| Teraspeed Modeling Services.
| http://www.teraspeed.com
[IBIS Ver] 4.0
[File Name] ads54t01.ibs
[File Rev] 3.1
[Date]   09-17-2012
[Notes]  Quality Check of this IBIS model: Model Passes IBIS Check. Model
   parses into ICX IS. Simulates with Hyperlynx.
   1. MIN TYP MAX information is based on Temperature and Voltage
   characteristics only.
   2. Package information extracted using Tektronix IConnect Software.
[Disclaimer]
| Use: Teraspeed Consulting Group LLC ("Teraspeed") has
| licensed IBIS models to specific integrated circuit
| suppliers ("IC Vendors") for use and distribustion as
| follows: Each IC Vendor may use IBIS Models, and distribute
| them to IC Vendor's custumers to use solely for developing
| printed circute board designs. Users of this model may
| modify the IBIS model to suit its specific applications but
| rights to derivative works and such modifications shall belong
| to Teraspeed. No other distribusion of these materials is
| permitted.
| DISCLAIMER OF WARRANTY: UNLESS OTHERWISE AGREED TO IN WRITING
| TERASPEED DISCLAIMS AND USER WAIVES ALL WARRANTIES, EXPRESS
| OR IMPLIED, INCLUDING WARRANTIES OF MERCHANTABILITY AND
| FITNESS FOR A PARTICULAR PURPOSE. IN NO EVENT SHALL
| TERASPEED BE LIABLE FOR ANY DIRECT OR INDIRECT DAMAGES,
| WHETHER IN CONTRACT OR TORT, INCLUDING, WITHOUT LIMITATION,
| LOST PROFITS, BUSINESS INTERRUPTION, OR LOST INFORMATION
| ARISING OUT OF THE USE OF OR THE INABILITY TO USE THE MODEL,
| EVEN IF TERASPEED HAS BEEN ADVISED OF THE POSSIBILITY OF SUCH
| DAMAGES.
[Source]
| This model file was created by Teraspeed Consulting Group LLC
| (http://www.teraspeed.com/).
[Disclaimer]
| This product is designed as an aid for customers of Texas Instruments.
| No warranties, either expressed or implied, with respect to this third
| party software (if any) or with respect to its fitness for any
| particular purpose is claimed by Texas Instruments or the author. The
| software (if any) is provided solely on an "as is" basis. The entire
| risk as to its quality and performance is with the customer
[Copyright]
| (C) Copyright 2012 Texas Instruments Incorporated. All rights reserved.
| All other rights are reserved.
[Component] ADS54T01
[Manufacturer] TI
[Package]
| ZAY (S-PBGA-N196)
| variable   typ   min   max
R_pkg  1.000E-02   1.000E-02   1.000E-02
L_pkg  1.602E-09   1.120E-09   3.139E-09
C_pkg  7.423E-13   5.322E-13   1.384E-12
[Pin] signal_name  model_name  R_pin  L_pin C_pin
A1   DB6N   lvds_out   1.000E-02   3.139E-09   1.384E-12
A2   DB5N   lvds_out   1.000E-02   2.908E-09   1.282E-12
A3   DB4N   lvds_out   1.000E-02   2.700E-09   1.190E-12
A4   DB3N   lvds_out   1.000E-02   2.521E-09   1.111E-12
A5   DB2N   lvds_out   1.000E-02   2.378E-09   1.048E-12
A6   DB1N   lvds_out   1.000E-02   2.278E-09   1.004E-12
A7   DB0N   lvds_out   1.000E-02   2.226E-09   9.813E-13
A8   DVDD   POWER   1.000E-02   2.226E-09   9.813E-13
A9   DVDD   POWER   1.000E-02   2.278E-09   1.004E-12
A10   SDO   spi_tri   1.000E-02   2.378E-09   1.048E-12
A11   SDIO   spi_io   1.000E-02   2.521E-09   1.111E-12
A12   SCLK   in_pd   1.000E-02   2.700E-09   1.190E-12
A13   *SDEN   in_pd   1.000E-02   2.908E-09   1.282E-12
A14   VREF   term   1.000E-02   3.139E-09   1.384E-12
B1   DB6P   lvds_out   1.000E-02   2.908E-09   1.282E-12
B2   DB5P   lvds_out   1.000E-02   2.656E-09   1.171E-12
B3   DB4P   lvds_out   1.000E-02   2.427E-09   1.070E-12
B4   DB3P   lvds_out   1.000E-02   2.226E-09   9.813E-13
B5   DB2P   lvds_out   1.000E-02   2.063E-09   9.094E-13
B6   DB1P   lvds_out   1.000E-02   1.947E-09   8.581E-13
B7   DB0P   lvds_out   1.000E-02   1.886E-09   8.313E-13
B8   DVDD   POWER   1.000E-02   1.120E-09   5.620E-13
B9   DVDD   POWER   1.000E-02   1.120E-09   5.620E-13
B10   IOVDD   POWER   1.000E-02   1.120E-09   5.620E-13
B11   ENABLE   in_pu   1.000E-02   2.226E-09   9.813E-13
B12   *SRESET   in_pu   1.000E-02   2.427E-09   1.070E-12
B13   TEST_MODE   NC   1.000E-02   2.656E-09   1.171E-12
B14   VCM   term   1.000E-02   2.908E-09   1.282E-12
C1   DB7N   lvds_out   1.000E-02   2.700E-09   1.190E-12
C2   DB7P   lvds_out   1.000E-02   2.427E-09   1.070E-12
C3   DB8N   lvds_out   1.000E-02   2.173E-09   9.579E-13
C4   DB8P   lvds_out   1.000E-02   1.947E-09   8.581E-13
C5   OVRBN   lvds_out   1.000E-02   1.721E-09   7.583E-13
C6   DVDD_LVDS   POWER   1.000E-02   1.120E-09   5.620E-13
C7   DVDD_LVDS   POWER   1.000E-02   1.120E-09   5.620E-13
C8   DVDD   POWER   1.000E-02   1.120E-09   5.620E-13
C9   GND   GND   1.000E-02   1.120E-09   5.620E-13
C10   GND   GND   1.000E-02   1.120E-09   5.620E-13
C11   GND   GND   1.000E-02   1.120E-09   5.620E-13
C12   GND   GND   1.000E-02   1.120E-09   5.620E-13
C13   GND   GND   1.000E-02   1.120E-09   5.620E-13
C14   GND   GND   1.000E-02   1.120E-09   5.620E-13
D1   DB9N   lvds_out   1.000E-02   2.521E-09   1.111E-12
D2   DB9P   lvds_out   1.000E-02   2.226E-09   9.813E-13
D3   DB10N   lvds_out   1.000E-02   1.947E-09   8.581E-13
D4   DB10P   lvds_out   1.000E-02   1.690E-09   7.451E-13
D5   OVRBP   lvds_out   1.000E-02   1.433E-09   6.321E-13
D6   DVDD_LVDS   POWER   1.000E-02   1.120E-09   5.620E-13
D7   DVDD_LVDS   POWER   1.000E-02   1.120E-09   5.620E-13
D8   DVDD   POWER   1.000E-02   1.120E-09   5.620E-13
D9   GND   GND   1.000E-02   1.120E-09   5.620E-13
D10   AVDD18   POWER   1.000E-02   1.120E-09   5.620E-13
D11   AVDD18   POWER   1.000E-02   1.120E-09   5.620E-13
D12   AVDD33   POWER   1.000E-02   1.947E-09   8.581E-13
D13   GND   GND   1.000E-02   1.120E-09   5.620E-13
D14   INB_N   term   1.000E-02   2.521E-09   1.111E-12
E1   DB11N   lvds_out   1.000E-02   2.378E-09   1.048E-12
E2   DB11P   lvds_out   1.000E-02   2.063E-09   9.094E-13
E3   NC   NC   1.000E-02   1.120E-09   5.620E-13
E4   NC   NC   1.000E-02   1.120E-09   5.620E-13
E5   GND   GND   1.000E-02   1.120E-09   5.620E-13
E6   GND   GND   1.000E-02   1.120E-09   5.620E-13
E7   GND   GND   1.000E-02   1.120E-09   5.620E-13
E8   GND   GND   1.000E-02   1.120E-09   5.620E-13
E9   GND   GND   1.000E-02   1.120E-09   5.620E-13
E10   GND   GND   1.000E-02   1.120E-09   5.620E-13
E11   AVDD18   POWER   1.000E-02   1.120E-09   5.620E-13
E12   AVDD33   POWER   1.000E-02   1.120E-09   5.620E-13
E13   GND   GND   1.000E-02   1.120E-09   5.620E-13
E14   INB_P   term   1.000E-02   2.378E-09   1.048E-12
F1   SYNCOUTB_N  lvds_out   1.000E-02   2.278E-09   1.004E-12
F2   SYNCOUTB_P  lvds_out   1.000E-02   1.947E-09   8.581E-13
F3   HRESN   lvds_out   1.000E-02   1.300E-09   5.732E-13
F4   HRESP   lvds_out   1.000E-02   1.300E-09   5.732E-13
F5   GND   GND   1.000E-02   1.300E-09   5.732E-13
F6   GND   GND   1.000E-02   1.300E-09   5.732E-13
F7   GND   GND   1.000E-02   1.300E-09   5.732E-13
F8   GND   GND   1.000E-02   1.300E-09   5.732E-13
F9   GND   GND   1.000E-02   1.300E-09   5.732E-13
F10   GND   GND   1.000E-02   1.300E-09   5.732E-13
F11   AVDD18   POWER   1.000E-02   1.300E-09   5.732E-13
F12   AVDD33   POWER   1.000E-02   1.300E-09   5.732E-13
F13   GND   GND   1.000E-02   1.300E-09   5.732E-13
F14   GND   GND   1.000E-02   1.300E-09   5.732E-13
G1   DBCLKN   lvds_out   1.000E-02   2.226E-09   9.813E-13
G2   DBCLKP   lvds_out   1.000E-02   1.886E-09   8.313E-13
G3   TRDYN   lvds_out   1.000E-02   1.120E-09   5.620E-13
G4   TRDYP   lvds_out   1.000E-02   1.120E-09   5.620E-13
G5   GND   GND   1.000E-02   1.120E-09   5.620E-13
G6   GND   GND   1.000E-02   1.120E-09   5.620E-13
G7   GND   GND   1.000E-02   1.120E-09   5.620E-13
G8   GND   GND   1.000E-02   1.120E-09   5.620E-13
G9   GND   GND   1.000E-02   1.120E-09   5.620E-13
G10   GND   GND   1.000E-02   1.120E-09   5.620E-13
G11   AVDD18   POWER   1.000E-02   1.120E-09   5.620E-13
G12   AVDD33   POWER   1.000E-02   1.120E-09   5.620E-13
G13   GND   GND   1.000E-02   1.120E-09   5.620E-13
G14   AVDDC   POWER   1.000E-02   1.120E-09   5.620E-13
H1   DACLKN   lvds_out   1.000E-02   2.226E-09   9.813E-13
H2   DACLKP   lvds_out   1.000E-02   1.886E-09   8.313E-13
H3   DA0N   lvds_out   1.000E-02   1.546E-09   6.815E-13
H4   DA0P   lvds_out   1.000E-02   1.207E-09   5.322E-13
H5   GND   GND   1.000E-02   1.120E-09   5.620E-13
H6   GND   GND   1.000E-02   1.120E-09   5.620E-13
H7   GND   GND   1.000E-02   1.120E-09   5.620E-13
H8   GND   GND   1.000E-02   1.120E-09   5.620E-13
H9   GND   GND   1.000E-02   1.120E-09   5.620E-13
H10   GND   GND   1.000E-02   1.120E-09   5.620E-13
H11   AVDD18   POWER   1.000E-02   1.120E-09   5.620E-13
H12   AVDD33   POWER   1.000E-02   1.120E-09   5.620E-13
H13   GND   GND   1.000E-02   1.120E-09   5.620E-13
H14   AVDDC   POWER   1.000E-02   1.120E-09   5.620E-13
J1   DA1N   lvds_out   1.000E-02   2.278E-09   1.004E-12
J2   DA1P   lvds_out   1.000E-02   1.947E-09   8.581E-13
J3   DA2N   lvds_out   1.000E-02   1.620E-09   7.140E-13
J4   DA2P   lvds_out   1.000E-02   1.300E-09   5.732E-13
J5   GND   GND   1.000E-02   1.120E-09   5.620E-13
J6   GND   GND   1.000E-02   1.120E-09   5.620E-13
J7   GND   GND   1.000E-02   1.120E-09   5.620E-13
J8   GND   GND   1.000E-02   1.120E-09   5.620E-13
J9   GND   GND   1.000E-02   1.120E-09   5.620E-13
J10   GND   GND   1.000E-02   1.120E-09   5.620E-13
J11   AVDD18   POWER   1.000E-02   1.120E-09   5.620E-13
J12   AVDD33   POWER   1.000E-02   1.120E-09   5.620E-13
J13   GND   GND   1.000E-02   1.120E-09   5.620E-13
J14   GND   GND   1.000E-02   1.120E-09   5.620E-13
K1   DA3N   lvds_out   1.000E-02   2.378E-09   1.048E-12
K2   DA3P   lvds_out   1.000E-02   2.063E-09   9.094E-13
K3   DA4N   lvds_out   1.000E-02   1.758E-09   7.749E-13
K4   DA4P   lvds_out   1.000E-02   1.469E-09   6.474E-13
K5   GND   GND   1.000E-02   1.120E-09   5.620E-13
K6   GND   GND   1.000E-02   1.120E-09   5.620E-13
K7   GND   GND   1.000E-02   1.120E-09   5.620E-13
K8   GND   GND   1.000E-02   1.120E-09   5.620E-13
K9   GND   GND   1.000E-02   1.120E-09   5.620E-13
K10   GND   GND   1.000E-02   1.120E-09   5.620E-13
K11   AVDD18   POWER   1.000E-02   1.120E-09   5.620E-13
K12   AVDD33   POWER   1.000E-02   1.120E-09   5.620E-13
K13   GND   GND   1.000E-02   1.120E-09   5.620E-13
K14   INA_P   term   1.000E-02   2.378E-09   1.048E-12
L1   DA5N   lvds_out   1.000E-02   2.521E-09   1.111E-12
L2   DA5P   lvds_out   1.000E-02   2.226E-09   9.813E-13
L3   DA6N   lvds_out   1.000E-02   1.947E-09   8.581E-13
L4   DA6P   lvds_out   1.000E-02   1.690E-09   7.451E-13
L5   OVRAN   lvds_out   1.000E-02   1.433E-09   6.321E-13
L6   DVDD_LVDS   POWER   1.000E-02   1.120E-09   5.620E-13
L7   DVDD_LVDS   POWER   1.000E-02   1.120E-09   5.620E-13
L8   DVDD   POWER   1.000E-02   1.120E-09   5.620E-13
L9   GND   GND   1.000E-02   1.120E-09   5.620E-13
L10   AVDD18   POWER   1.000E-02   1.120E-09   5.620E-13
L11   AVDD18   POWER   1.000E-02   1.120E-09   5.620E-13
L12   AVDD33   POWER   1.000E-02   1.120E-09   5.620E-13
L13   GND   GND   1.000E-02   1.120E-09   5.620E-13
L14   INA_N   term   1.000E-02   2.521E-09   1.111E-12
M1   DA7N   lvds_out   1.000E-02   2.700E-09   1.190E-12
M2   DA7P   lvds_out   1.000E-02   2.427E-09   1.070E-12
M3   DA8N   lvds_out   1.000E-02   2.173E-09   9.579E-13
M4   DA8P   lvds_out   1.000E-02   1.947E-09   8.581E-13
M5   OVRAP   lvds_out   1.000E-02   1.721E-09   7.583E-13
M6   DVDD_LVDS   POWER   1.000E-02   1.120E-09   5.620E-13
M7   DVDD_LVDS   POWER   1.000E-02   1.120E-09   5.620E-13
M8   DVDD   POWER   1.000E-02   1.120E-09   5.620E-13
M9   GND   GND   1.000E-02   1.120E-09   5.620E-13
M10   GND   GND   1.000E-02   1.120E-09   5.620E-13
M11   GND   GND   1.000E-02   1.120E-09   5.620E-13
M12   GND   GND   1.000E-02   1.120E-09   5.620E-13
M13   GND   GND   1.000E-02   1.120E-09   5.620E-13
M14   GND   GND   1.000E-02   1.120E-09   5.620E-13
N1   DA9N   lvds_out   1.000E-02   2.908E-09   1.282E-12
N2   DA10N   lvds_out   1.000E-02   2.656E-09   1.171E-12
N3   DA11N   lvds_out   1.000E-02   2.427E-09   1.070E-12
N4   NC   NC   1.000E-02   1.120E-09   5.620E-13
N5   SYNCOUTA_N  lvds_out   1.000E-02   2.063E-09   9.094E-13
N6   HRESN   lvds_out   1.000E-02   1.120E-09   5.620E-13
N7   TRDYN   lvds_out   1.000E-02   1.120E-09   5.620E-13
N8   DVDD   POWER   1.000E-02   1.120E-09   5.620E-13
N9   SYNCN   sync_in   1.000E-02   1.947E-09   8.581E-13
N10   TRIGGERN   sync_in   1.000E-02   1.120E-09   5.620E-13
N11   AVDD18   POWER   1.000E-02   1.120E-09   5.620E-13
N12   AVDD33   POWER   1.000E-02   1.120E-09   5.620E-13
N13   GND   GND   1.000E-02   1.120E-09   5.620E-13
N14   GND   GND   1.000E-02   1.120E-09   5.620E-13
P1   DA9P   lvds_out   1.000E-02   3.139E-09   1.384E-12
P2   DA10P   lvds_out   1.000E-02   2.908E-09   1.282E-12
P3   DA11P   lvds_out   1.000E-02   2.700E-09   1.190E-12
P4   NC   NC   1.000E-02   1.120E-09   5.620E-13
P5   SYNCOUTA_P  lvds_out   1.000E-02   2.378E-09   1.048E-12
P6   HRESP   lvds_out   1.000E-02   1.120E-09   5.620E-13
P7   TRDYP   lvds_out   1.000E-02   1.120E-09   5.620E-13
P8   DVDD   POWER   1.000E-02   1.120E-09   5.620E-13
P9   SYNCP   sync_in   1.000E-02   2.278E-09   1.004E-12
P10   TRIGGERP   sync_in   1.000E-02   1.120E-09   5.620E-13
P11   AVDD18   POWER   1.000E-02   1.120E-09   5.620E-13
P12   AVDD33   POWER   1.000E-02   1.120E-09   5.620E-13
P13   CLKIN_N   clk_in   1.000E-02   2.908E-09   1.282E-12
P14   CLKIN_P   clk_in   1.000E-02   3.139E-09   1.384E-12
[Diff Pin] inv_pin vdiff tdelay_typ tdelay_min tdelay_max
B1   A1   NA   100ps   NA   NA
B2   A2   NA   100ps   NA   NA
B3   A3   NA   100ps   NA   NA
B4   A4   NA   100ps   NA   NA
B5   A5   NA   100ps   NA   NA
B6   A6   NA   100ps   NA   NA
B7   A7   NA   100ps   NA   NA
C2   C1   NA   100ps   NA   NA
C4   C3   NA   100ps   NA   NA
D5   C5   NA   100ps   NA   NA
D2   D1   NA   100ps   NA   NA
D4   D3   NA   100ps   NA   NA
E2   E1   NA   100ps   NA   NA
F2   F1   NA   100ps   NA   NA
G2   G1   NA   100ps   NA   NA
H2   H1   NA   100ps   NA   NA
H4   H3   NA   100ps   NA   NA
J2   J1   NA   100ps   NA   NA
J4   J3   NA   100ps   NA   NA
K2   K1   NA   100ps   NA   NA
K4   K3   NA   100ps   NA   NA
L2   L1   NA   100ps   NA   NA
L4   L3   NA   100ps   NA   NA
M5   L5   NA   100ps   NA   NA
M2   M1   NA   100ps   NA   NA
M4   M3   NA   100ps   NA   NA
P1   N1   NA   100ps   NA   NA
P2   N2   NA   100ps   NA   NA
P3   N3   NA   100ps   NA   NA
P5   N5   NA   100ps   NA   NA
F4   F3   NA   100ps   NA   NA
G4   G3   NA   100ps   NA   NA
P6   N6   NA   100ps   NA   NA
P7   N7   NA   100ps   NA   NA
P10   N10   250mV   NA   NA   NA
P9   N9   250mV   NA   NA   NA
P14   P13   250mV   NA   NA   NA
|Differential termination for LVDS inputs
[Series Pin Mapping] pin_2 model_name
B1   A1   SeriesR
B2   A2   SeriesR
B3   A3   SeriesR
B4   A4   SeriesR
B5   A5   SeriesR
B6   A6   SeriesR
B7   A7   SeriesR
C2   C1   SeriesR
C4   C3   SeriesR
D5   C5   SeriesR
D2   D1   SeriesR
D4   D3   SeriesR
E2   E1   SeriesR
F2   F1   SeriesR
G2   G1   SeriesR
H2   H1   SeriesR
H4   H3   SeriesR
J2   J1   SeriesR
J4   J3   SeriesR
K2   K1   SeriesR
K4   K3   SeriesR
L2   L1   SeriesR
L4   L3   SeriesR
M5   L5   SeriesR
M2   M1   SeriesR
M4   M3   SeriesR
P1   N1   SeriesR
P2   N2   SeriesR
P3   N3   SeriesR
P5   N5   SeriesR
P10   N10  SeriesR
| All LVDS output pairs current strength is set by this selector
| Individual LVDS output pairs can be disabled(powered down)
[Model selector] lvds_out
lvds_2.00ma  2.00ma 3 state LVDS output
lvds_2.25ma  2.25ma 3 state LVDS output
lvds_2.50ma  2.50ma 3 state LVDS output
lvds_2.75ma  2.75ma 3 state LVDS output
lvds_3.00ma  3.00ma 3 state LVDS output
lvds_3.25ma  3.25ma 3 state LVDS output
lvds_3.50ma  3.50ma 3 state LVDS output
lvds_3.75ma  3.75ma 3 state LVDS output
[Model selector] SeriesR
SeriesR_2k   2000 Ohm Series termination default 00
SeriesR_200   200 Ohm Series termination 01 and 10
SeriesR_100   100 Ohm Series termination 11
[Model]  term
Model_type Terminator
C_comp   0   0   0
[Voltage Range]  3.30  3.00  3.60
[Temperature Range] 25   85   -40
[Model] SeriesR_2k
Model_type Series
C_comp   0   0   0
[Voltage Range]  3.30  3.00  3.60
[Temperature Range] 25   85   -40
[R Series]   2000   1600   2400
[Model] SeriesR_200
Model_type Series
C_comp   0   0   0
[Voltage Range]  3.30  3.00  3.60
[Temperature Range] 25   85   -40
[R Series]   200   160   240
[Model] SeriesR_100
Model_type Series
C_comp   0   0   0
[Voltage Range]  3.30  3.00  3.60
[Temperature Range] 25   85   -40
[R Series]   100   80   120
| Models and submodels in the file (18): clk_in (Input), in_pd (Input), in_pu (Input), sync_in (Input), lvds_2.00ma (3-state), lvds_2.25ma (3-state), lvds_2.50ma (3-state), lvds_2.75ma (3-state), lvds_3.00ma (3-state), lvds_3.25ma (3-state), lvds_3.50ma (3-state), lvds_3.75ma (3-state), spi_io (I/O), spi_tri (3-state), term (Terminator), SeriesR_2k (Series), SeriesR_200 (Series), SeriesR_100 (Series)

● **What you should do**
The answer is a bare number: how many lines of the records contain the string "Consulting"?

● **Answer to this task**
2